Higher metal prices help boost Alcoa Q1

Related tags Quarter Cost Revenue Alcoa

Alcoa has announced a significant jump in sales and profit for it
first quarter on the back of strong steel prices, a sign that
packaging costs will continue to impact many food and beverage
producers, reports Simon Pitman.

Sales in the first quarter rose to $6.289 billion (€4.872bn), up 13 per cent over the first quarter of 2004, and the highest in four years. On a sequential quarter basis, revenue increased 4 per cent, driven by higher primary metal and alumina prices as well as strength in the flat rolled products, extruded products, and engineered solutions segments.

Global steel play Alcoa​ said that income from continuing operations for the first quarter 2005 of $273 million. Net income for the quarter was $260 million. The company added that first quarter 2005 income measures included negative impacts from the tax on Alcoa's sale of its Elkem investment ($39 million); restructuring charges ($25 million); and costs of integrating the recently acquired Russian business ($12 million after tax).

"Underlying business performance improved in the quarter as we captured the benefits of higher metal prices and a stronger economy in North America,"​ said Alcoa Chairman and CEO Alain Belda. "We were able to regain traction on the cost initiative, overcoming cost inflation increases, to deliver savings to the bottom line.

"As we move forward, we will continue to tackle costs, to benefit from strong demand in end markets and the sustained high commodity prices,"​ added Belda. "We are focused on delivering near-term results while we continue to build for the future."

Four of the company's six reporting segments achieved double-digit improvements in profitability over the fourth quarter of last year, but the company's consumer and packaging segment showed the worst performance, slowed by seasonal declines and increased costs.

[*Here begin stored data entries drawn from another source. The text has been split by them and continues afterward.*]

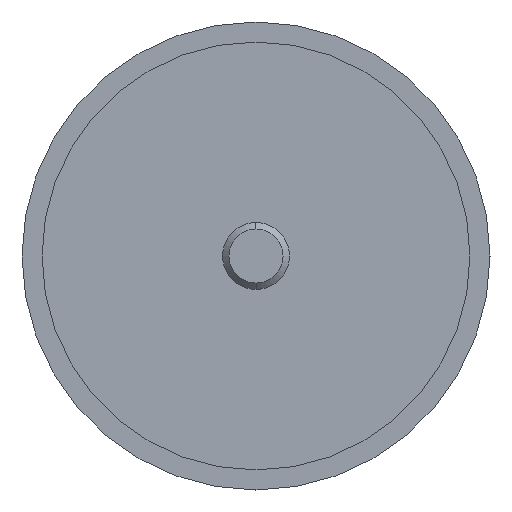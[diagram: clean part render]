
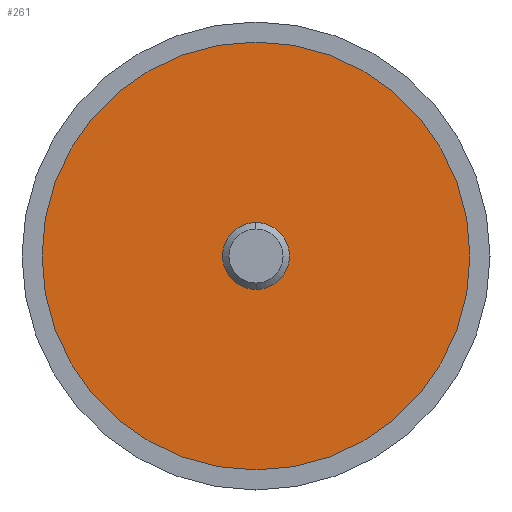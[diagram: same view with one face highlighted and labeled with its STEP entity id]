
A CAD part, left-side view. The second image highlights one B-rep face of the part: STEP entity #261.
In plain terms, the highlighted planar face has unit normal (-1, 0, 0).
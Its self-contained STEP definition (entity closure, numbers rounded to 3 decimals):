
#14 = DIRECTION ( 'NONE',  ( -1., 0., 0. ) ) ;
#21 = DIRECTION ( 'NONE',  ( -1., 0., 0. ) ) ;
#28 = EDGE_CURVE ( 'NONE', #570, #62, #472, .T. ) ;
#62 = VERTEX_POINT ( 'NONE', #295 ) ;
#110 = AXIS2_PLACEMENT_3D ( 'NONE', #652, #266, #376 ) ;
#121 = DIRECTION ( 'NONE',  ( 0., 0., -1. ) ) ;
#123 = EDGE_CURVE ( 'NONE', #668, #316, #225, .T. ) ;
#138 = AXIS2_PLACEMENT_3D ( 'NONE', #290, #621, #500 ) ;
#164 = DIRECTION ( 'NONE',  ( -1., 0., 0. ) ) ;
#165 = DIRECTION ( 'NONE',  ( 0., 0., 1. ) ) ;
#218 = PLANE ( 'NONE',  #110 ) ;
#225 = CIRCLE ( 'NONE', #138, 5. ) ;
#261 = ADVANCED_FACE ( 'NONE', ( #624, #467 ), #218, .F. ) ;
#266 = DIRECTION ( 'NONE',  ( 1., 0., 0. ) ) ;
#283 = EDGE_CURVE ( 'NONE', #316, #668, #599, .T. ) ;
#290 = CARTESIAN_POINT ( 'NONE',  ( -14.99, 0., 0. ) ) ;
#295 = CARTESIAN_POINT ( 'NONE',  ( -14.99, 0., -32. ) ) ;
#316 = VERTEX_POINT ( 'NONE', #485 ) ;
#336 = AXIS2_PLACEMENT_3D ( 'NONE', #444, #164, #374 ) ;
#374 = DIRECTION ( 'NONE',  ( 0., 0., 1. ) ) ;
#375 = CARTESIAN_POINT ( 'NONE',  ( -14.99, 0., 32. ) ) ;
#376 = DIRECTION ( 'NONE',  ( 0., 0., -1. ) ) ;
#412 = ORIENTED_EDGE ( 'NONE', *, *, #566, .T. ) ;
#444 = CARTESIAN_POINT ( 'NONE',  ( -14.99, 0., 0. ) ) ;
#467 = FACE_BOUND ( 'NONE', #521, .T. ) ;
#472 = CIRCLE ( 'NONE', #336, 32. ) ;
#481 = CARTESIAN_POINT ( 'NONE',  ( -14.99, 0., 0. ) ) ;
#485 = CARTESIAN_POINT ( 'NONE',  ( -14.99, 0., 5. ) ) ;
#497 = ORIENTED_EDGE ( 'NONE', *, *, #28, .T. ) ;
#500 = DIRECTION ( 'NONE',  ( 0., 0., -1. ) ) ;
#511 = EDGE_LOOP ( 'NONE', ( #497, #412 ) ) ;
#521 = EDGE_LOOP ( 'NONE', ( #666, #602 ) ) ;
#545 = AXIS2_PLACEMENT_3D ( 'NONE', #593, #21, #121 ) ;
#555 = AXIS2_PLACEMENT_3D ( 'NONE', #481, #14, #165 ) ;
#566 = EDGE_CURVE ( 'NONE', #62, #570, #607, .T. ) ;
#570 = VERTEX_POINT ( 'NONE', #375 ) ;
#593 = CARTESIAN_POINT ( 'NONE',  ( -14.99, 0., 0. ) ) ;
#599 = CIRCLE ( 'NONE', #545, 5. ) ;
#602 = ORIENTED_EDGE ( 'NONE', *, *, #123, .F. ) ;
#607 = CIRCLE ( 'NONE', #555, 32. ) ;
#621 = DIRECTION ( 'NONE',  ( -1., 0., 0. ) ) ;
#624 = FACE_OUTER_BOUND ( 'NONE', #511, .T. ) ;
#652 = CARTESIAN_POINT ( 'NONE',  ( -14.99, 32., 0. ) ) ;
#666 = ORIENTED_EDGE ( 'NONE', *, *, #283, .F. ) ;
#668 = VERTEX_POINT ( 'NONE', #673 ) ;
#673 = CARTESIAN_POINT ( 'NONE',  ( -14.99, 0., -5. ) ) ;
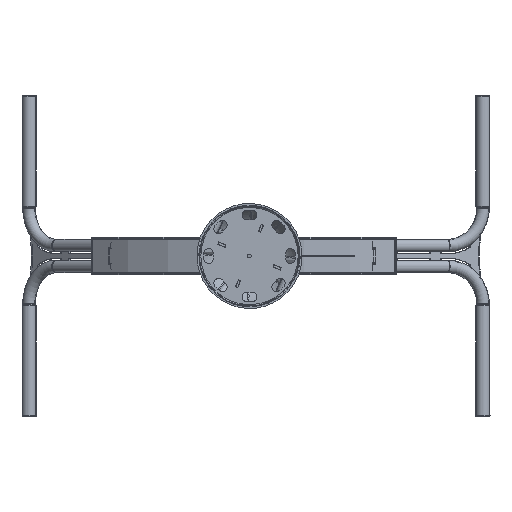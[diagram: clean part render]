
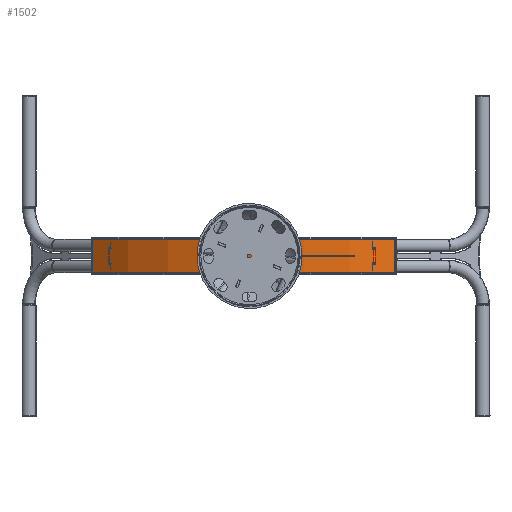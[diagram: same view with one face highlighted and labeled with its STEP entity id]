
A CAD part, front view. The second image highlights one B-rep face of the part: STEP entity #1502.
In plain terms, the highlighted cylindrical face has radius 775 mm (diameter 1550 mm), a partial arc.
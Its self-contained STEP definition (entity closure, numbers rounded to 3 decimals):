
#1502 = ADVANCED_FACE ( 'NONE', ( #14713 ), #2548, .T. ) ;
#2548 = CYLINDRICAL_SURFACE ( 'NONE', #20898, 775. ) ;
#5725 = EDGE_CURVE ( 'NONE', #31816, #78525, #31109, .T. ) ;
#11200 = CARTESIAN_POINT ( 'NONE',  ( 0., 0., -216.752 ) ) ;
#14713 = FACE_OUTER_BOUND ( 'NONE', #64336, .T. ) ;
#15026 = LINE ( 'NONE', #59129, #68080 ) ;
#15241 = DIRECTION ( 'NONE',  ( 0., 0., -1. ) ) ;
#17355 = EDGE_CURVE ( 'NONE', #78525, #79797, #15026, .T. ) ;
#20898 = AXIS2_PLACEMENT_3D ( 'NONE', #11200, #54372, #90895 ) ;
#21972 = AXIS2_PLACEMENT_3D ( 'NONE', #48232, #56547, #48841 ) ;
#26201 = ORIENTED_EDGE ( 'NONE', *, *, #17355, .F. ) ;
#28162 = VECTOR ( 'NONE', #15241, 1000. ) ;
#31109 = CIRCLE ( 'NONE', #62900, 775. ) ;
#31816 = VERTEX_POINT ( 'NONE', #88175 ) ;
#38231 = DIRECTION ( 'NONE',  ( 0., 0., -1. ) ) ;
#38450 = DIRECTION ( 'NONE',  ( 0., 0., 1. ) ) ;
#45315 = DIRECTION ( 'NONE',  ( -1., 0., 0. ) ) ;
#48232 = CARTESIAN_POINT ( 'NONE',  ( 0., 0., 45. ) ) ;
#48482 = CARTESIAN_POINT ( 'NONE',  ( 428.513, 645.757, -45. ) ) ;
#48841 = DIRECTION ( 'NONE',  ( -1., 0., 0. ) ) ;
#51292 = EDGE_CURVE ( 'NONE', #57809, #79797, #54218, .T. ) ;
#52717 = CARTESIAN_POINT ( 'NONE',  ( -399.155, 664.305, 45. ) ) ;
#54218 = CIRCLE ( 'NONE', #21972, 775. ) ;
#54372 = DIRECTION ( 'NONE',  ( 0., 0., -1. ) ) ;
#56547 = DIRECTION ( 'NONE',  ( 0., 0., -1. ) ) ;
#57809 = VERTEX_POINT ( 'NONE', #52717 ) ;
#59129 = CARTESIAN_POINT ( 'NONE',  ( 428.513, 645.757, -50. ) ) ;
#62900 = AXIS2_PLACEMENT_3D ( 'NONE', #80586, #38231, #45315 ) ;
#64336 = EDGE_LOOP ( 'NONE', ( #26201, #89236, #74496, #76131 ) ) ;
#64653 = CARTESIAN_POINT ( 'NONE',  ( -399.155, 664.305, -216.752 ) ) ;
#68080 = VECTOR ( 'NONE', #38450, 1000. ) ;
#72748 = CARTESIAN_POINT ( 'NONE',  ( 428.513, 645.757, 45. ) ) ;
#74496 = ORIENTED_EDGE ( 'NONE', *, *, #82855, .F. ) ;
#76131 = ORIENTED_EDGE ( 'NONE', *, *, #51292, .T. ) ;
#78525 = VERTEX_POINT ( 'NONE', #48482 ) ;
#79797 = VERTEX_POINT ( 'NONE', #72748 ) ;
#80586 = CARTESIAN_POINT ( 'NONE',  ( 0., 0., -45. ) ) ;
#82855 = EDGE_CURVE ( 'NONE', #57809, #31816, #86816, .T. ) ;
#86816 = LINE ( 'NONE', #64653, #28162 ) ;
#88175 = CARTESIAN_POINT ( 'NONE',  ( -399.155, 664.305, -45. ) ) ;
#89236 = ORIENTED_EDGE ( 'NONE', *, *, #5725, .F. ) ;
#90895 = DIRECTION ( 'NONE',  ( -1., 0., 0. ) ) ;

Despite sales rising from $721 million in the first quarter of 2004 to $771 million in the first quarter of 2005, the Packaging and Consumer Segment ATOI fell to $22 million, down from $35 million in 2004.

The company said the division's performance was due to the seasonal decline in the consumer products business and increased raw material costs, primarily resin. Compared to the same quarter in 2004, cost inflation, particularly raw materials and freight drove profitability lower.